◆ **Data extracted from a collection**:
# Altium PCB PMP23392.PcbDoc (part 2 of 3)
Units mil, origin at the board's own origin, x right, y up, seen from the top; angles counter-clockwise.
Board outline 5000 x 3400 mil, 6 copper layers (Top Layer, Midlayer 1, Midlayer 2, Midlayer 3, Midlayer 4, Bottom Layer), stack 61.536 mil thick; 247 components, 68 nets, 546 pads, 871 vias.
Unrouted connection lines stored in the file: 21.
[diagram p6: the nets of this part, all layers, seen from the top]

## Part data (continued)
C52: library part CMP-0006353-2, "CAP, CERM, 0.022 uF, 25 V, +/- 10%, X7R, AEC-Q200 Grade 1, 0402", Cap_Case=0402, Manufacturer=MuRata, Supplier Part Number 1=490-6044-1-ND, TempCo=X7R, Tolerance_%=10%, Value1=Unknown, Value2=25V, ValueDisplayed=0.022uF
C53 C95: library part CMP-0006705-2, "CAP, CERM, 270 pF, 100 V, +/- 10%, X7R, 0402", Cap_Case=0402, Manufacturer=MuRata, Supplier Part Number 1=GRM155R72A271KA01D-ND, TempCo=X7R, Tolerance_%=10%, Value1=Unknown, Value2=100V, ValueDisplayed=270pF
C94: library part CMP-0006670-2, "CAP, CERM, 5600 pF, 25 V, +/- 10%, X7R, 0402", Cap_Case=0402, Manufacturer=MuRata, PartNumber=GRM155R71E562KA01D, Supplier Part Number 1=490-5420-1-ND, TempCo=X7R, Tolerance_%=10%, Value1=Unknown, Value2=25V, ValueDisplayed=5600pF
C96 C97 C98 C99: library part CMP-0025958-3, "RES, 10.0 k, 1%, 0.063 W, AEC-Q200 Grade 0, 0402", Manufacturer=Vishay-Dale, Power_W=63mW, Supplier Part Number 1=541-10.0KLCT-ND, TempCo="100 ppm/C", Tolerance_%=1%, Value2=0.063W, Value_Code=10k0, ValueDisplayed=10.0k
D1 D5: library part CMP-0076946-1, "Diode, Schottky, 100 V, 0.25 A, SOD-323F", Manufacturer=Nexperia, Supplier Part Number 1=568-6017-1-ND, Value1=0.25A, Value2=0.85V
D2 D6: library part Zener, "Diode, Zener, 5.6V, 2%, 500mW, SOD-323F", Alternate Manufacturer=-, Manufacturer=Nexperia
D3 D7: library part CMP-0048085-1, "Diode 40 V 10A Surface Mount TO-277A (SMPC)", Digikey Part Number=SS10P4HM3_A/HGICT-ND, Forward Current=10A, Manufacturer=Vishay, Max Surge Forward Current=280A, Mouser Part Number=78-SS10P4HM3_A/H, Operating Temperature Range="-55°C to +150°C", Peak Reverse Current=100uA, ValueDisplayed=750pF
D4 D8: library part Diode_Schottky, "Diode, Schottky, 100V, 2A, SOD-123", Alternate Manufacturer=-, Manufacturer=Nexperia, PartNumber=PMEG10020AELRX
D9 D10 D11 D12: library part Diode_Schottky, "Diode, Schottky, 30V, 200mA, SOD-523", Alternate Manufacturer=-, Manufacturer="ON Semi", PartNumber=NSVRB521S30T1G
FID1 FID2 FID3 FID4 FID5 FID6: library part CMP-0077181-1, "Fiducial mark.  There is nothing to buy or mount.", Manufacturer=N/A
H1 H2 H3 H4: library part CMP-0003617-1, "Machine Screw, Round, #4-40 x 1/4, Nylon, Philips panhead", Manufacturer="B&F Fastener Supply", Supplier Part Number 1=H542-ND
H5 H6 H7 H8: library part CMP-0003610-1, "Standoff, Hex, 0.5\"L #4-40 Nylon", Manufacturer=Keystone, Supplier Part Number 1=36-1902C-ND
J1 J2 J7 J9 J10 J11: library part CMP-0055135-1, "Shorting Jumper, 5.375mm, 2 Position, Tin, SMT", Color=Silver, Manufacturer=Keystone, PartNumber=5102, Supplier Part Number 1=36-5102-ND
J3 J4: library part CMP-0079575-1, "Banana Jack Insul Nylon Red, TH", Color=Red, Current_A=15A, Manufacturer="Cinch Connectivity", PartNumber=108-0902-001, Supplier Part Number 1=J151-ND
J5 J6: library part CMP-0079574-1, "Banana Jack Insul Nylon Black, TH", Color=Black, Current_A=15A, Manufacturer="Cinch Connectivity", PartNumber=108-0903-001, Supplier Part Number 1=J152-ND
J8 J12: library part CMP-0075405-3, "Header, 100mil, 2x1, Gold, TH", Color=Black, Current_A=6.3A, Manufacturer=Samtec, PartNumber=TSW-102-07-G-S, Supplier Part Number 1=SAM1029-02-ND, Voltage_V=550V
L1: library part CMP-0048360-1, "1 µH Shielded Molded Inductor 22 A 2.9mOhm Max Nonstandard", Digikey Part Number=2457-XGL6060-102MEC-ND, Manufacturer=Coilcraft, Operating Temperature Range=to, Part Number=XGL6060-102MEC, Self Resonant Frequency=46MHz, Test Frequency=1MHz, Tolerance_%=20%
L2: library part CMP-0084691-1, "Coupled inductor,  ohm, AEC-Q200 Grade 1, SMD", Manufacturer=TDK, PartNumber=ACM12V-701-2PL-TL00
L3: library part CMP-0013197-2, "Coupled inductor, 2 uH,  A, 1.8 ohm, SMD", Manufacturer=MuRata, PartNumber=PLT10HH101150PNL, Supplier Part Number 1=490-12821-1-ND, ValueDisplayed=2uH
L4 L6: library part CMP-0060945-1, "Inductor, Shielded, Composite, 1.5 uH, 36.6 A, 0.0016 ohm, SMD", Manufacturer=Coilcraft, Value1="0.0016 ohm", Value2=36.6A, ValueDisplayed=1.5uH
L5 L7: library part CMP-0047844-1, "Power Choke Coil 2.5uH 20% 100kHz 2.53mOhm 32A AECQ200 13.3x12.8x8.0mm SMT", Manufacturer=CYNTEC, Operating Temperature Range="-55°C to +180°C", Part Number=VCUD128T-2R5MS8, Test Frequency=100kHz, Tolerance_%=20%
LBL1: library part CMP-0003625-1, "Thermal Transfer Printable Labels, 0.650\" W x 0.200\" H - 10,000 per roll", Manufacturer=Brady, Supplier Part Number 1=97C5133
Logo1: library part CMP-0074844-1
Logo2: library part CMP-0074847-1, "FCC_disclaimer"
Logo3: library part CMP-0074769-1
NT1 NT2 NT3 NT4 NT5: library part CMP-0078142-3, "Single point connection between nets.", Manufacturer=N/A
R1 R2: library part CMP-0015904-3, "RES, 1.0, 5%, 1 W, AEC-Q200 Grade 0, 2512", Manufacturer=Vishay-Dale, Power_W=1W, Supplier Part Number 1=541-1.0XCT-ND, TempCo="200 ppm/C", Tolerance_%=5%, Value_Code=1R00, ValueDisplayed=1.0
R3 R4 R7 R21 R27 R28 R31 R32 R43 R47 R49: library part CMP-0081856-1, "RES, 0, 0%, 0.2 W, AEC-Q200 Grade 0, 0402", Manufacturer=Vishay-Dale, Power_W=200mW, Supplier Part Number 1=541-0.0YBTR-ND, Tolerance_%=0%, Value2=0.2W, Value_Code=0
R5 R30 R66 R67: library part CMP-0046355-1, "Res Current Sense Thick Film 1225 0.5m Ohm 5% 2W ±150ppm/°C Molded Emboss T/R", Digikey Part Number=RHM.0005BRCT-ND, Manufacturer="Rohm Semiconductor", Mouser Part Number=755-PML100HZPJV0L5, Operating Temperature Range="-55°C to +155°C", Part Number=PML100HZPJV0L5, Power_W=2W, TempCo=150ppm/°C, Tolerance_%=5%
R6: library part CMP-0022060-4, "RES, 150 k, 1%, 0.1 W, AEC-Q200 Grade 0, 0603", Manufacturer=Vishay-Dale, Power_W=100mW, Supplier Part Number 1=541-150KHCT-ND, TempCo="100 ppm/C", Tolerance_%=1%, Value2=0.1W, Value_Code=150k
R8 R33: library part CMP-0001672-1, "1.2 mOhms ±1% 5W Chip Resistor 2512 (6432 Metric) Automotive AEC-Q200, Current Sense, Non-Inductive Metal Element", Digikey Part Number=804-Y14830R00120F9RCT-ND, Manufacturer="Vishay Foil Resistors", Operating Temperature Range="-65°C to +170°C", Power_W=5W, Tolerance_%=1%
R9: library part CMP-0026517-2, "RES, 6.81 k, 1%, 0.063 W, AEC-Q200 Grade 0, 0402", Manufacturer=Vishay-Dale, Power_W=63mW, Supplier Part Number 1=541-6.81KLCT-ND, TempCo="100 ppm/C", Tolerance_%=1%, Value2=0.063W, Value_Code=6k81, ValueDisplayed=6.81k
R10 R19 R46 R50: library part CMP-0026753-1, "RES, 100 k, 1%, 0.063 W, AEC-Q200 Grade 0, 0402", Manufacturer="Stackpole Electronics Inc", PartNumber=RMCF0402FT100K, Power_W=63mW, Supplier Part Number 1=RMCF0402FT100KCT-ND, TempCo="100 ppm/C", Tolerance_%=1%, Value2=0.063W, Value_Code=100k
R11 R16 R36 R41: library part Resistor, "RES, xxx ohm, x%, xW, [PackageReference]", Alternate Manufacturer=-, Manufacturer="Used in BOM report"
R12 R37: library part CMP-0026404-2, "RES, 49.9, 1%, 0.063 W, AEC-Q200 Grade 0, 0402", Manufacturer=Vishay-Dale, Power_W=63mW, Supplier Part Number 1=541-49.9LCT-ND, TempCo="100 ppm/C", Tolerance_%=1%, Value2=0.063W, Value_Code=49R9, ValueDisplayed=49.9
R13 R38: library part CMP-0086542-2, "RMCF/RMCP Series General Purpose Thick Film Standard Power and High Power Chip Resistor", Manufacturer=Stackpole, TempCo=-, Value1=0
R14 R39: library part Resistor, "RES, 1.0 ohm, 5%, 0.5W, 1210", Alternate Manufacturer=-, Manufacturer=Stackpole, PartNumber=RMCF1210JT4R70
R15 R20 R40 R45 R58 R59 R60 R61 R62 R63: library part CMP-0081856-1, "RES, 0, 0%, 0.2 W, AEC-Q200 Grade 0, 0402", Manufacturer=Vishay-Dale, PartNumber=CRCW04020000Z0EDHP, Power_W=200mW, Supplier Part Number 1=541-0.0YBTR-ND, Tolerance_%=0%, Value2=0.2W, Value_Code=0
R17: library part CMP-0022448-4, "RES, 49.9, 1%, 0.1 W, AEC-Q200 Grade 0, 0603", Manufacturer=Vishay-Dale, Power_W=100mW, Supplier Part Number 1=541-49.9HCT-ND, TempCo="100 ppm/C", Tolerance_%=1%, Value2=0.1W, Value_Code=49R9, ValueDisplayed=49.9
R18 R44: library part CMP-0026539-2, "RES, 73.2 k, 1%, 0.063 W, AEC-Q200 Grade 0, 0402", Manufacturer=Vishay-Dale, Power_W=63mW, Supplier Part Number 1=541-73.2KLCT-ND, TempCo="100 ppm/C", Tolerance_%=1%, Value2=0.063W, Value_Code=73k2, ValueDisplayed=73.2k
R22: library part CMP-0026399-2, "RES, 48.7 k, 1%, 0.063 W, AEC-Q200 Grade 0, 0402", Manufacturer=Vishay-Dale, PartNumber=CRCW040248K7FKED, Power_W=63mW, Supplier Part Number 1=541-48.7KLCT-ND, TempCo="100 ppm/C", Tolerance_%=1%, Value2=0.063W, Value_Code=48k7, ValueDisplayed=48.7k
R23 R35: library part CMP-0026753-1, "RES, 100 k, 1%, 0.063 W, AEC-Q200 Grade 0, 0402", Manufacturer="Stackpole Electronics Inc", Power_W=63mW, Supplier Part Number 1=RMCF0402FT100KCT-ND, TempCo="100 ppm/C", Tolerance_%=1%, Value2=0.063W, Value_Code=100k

◆ **EXERCISE INSTRUCTIONS**:
A word-for-word copy of the lines above from the one with "C52: library part" through the one with "H1 H2 H3 H4: library", inclusive, is the only output wanted.

◆ **RESULT FOR THIS TASK**:
C52: library part CMP-0006353-2, "CAP, CERM, 0.022 uF, 25 V, +/- 10%, X7R, AEC-Q200 Grade 1, 0402", Cap_Case=0402, Manufacturer=MuRata, Supplier Part Number 1=490-6044-1-ND, TempCo=X7R, Tolerance_%=10%, Value1=Unknown, Value2=25V, ValueDisplayed=0.022uF
C53 C95: library part CMP-0006705-2, "CAP, CERM, 270 pF, 100 V, +/- 10%, X7R, 0402", Cap_Case=0402, Manufacturer=MuRata, Supplier Part Number 1=GRM155R72A271KA01D-ND, TempCo=X7R, Tolerance_%=10%, Value1=Unknown, Value2=100V, ValueDisplayed=270pF
C94: library part CMP-0006670-2, "CAP, CERM, 5600 pF, 25 V, +/- 10%, X7R, 0402", Cap_Case=0402, Manufacturer=MuRata, PartNumber=GRM155R71E562KA01D, Supplier Part Number 1=490-5420-1-ND, TempCo=X7R, Tolerance_%=10%, Value1=Unknown, Value2=25V, ValueDisplayed=5600pF
C96 C97 C98 C99: library part CMP-0025958-3, "RES, 10.0 k, 1%, 0.063 W, AEC-Q200 Grade 0, 0402", Manufacturer=Vishay-Dale, Power_W=63mW, Supplier Part Number 1=541-10.0KLCT-ND, TempCo="100 ppm/C", Tolerance_%=1%, Value2=0.063W, Value_Code=10k0, ValueDisplayed=10.0k
D1 D5: library part CMP-0076946-1, "Diode, Schottky, 100 V, 0.25 A, SOD-323F", Manufacturer=Nexperia, Supplier Part Number 1=568-6017-1-ND, Value1=0.25A, Value2=0.85V
D2 D6: library part Zener, "Diode, Zener, 5.6V, 2%, 500mW, SOD-323F", Alternate Manufacturer=-, Manufacturer=Nexperia
D3 D7: library part CMP-0048085-1, "Diode 40 V 10A Surface Mount TO-277A (SMPC)", Digikey Part Number=SS10P4HM3_A/HGICT-ND, Forward Current=10A, Manufacturer=Vishay, Max Surge Forward Current=280A, Mouser Part Number=78-SS10P4HM3_A/H, Operating Temperature Range="-55°C to +150°C", Peak Reverse Current=100uA, ValueDisplayed=750pF
D4 D8: library part Diode_Schottky, "Diode, Schottky, 100V, 2A, SOD-123", Alternate Manufacturer=-, Manufacturer=Nexperia, PartNumber=PMEG10020AELRX
D9 D10 D11 D12: library part Diode_Schottky, "Diode, Schottky, 30V, 200mA, SOD-523", Alternate Manufacturer=-, Manufacturer="ON Semi", PartNumber=NSVRB521S30T1G
FID1 FID2 FID3 FID4 FID5 FID6: library part CMP-0077181-1, "Fiducial mark.  There is nothing to buy or mount.", Manufacturer=N/A
H1 H2 H3 H4: library part CMP-0003617-1, "Machine Screw, Round, #4-40 x 1/4, Nylon, Philips panhead", Manufacturer="B&F Fastener Supply", Supplier Part Number 1=H542-ND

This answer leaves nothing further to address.